§ Action item: Given the entries below, would you transcribe exactly the lines starting at the one with "Entity records: 2011" and ending at the one with "Assembly tree (18", both kept, pictures omitted, nothing extra?

§ Source records:
------------------------------------------------------------

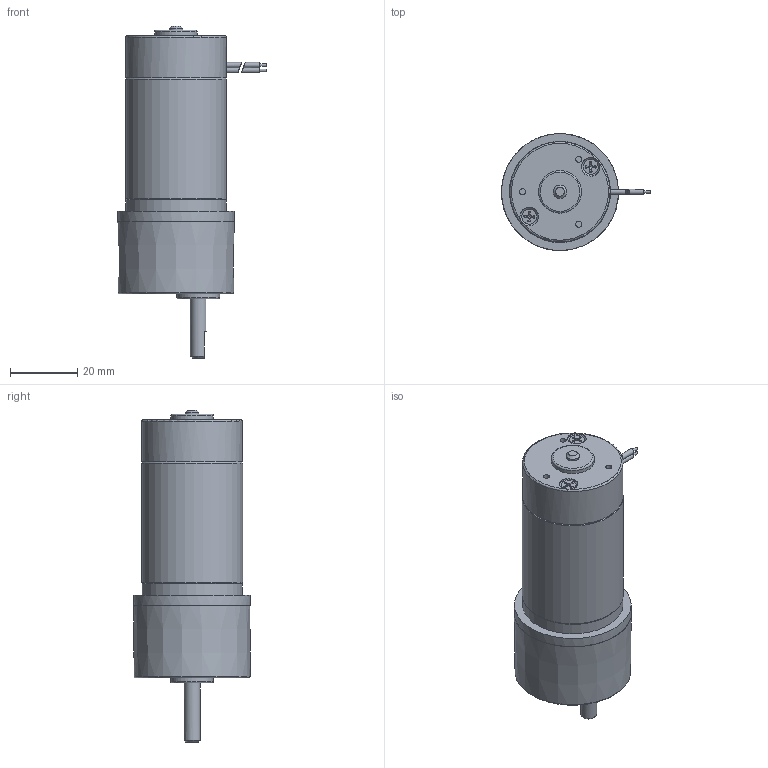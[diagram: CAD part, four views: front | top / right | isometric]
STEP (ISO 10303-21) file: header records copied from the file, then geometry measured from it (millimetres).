
FILE_DESCRIPTION((''),'2;1');
FILE_NAME('Z:\4_DC\새 폴더\RS3 SERIES\RS33ㅁㅁL(O~U).stp','2015-02-12T15:57:05',('kdhkdh'),(''),'Autodesk Inventor 2013','Autodesk Inventor 2013','');
FILE_SCHEMA(('AUTOMOTIVE_DESIGN { 1 0 10303 214 1 1 1 1 }'));
Length unit declared in the file: millimetre
Products named in the file (1): 부품2
Bounding box: 44.28 x 34.74 x 98.59 mm (x, y, z)
Volume: 60361.2 mm3; surface area: 10447 mm2
Topology: 2 solids, 7 shells, 203 faces, 500 edges, 325 vertices
Faces by surface type: plane 76, cylinder 60, cone 43, torus 24
Full cylindrical faces by diameter (mm): 0.76 x2, 1.56 x4, 1.8 x3, 2.156 x3, 2.5 x5, 2.6 x2, 2.7 x3, 4 x1, 4.4 x5, 4.76 x1, 5.5 x5, 12.7 x2, 29.8 x2, 30 x1, 34.7 x1
Entity records: 6114 total; most frequent: CARTESIAN_POINT 1753, DIRECTION 842, ORIENTED_EDGE 818, EDGE_CURVE 409, AXIS2_PLACEMENT_3D 377, VERTEX_POINT 296, EDGE_LOOP 290, FACE_OUTER_BOUND 203
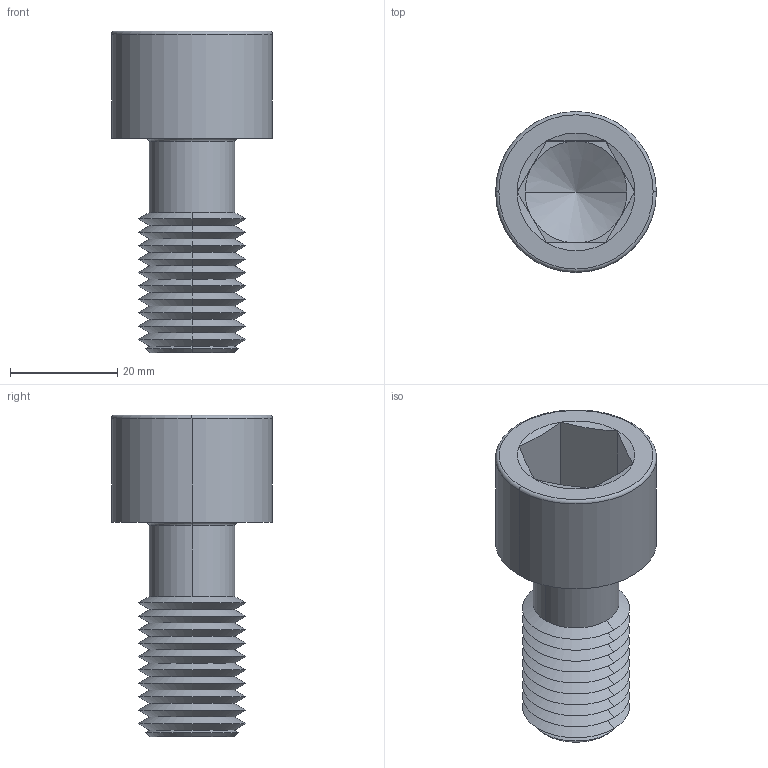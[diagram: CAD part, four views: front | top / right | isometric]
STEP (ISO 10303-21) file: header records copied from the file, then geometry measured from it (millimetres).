
FILE_DESCRIPTION (( 'STEP AP203' ), '1' );
FILE_NAME ('P0154.200-040-BL.step', '2024-06-17T11:39:49', ( '' ), ( '' ), 'SwSTEP 2.0', 'SolidWorks 2019', '' );
FILE_SCHEMA (( 'CONFIG_CONTROL_DESIGN' ));
Length unit declared in the file: millimetre
Products named in the file (1): P0154.200-040-BL
Bounding box: 30 x 30 x 60 mm (x, y, z)
Volume: 16973.2 mm3; surface area: 8126 mm2
Topology: 1 solids, 1 shells, 75 faces, 152 edges, 79 vertices
Faces by surface type: cone 52, plane 15, torus 4, cylinder 4
Entity records: 2011 total; most frequent: DIRECTION 372, CARTESIAN_POINT 355, ORIENTED_EDGE 300, AXIS2_PLACEMENT_3D 152, EDGE_CURVE 150, VERTEX_POINT 79, EDGE_LOOP 77, CIRCLE 76
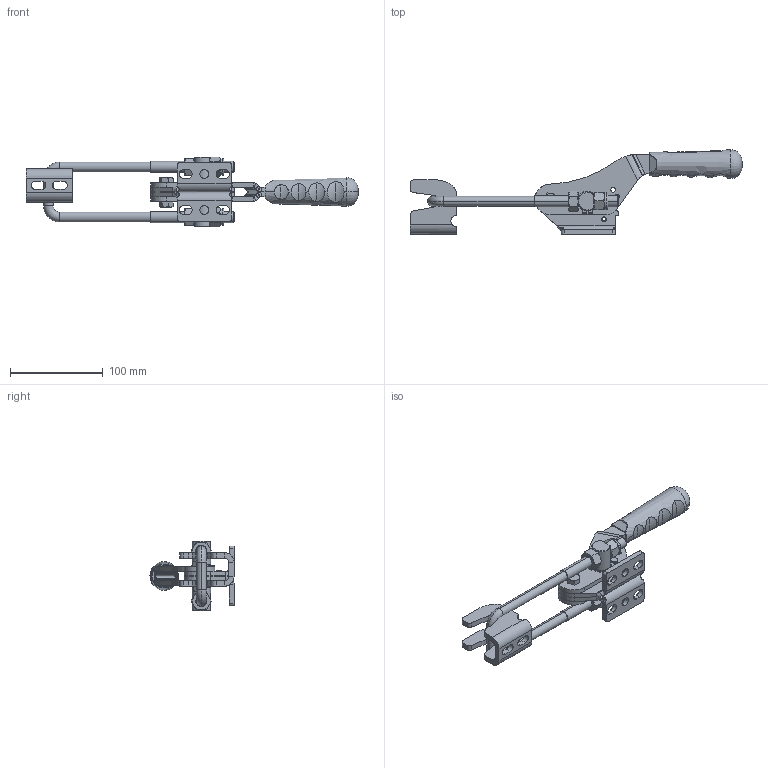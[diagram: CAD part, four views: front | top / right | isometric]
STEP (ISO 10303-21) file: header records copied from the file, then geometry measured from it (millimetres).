
FILE_DESCRIPTION (( 'STEP AP203' ), '1' );
FILE_NAME ('13012_Y.STEP', '2022-11-30T09:55:26', ( '' ), ( '' ), 'SwSTEP 2.0', 'SolidWorks 2023', '' );
FILE_SCHEMA (( 'CONFIG_CONTROL_DESIGN' ));
Length unit declared in the file: millimetre
Products named in the file (17): 13010 H kolu; 13012_Y; M12_U_Kanca_Varsayılan; autolock_nut_h_fr_nf_e_25-409_m12_6_1; M8 Somun_Varsayılan; circlips_o20-uni_7435; Aynalama13210 Gövde; mandal 2; Karşılık kancası m 12; 13210 Gövde; 07210-12; C100_T_10x20(YENİ_TUTAMAK_10x20)_Varsayılan; 5-12-1330659; hexagon_bolt_jis_b_1180_c_m8_x25_Varsayılan; Pim_5x22_Varsayılan; Aynalama13010 H kolu; 1391_Kanca mili_Varsayılan
Assembly tree (18 placements, depth 2):
  13012_Y
    13210 Gövde
    13010 H kolu
    Aynalama13210 Gövde
    1391_Kanca mili_Varsayılan
    Pim_5x22_Varsayılan
    M8 Somun_Varsayılan
    M12_U_Kanca_Varsayılan
    Karşılık kancası m 12
    Aynalama13010 H kolu
    07210-12  x2
    5-12-1330659
    autolock_nut_h_fr_nf_e_25-409_m12_6_1  x2
    circlips_o20-uni_7435  x2
    hexagon_bolt_jis_b_1180_c_m8_x25_Varsayılan
    C100_T_10x20(YENİ_TUTAMAK_10x20)_Varsayılan
  mandal 2
Bounding box: 357.56 x 90.7 x 75 mm (x, y, z)
Volume: 242456.2 mm3; surface area: 109750.6 mm2
Topology: 18 solids, 18 shells, 671 faces, 1679 edges, 1063 vertices
Faces by surface type: plane 322, cylinder 213, cone 76, bspline 32, torus 28
Entity records: 23477 total; most frequent: CARTESIAN_POINT 7262, ORIENTED_EDGE 3028, DIRECTION 2938, EDGE_CURVE 1514, AXIS2_PLACEMENT_3D 1069, VERTEX_POINT 961, LINE 800, VECTOR 800

------------------------------------------------------------

§ Solution to this task:
Entity records: 2011 total; most frequent: DIRECTION 372, CARTESIAN_POINT 355, ORIENTED_EDGE 300, AXIS2_PLACEMENT_3D 152, EDGE_CURVE 150, VERTEX_POINT 79, EDGE_LOOP 77, CIRCLE 76
[diagram: CAD part, four views: front | top / right | isometric]
STEP (ISO 10303-21) file: header records copied from the file, then geometry measured from it (millimetres).
FILE_DESCRIPTION (( 'STEP AP203' ), '1' );
FILE_NAME ('13012_Y.STEP', '2022-11-30T09:55:26', ( '' ), ( '' ), 'SwSTEP 2.0', 'SolidWorks 2023', '' );
FILE_SCHEMA (( 'CONFIG_CONTROL_DESIGN' ));
Length unit declared in the file: millimetre
Products named in the file (17): 13010 H kolu; 13012_Y; M12_U_Kanca_Varsayılan; autolock_nut_h_fr_nf_e_25-409_m12_6_1; M8 Somun_Varsayılan; circlips_o20-uni_7435; Aynalama13210 Gövde; mandal 2; Karşılık kancası m 12; 13210 Gövde; 07210-12; C100_T_10x20(YENİ_TUTAMAK_10x20)_Varsayılan; 5-12-1330659; hexagon_bolt_jis_b_1180_c_m8_x25_Varsayılan; Pim_5x22_Varsayılan; Aynalama13010 H kolu; 1391_Kanca mili_Varsayılan
Assembly tree (18 placements, depth 2):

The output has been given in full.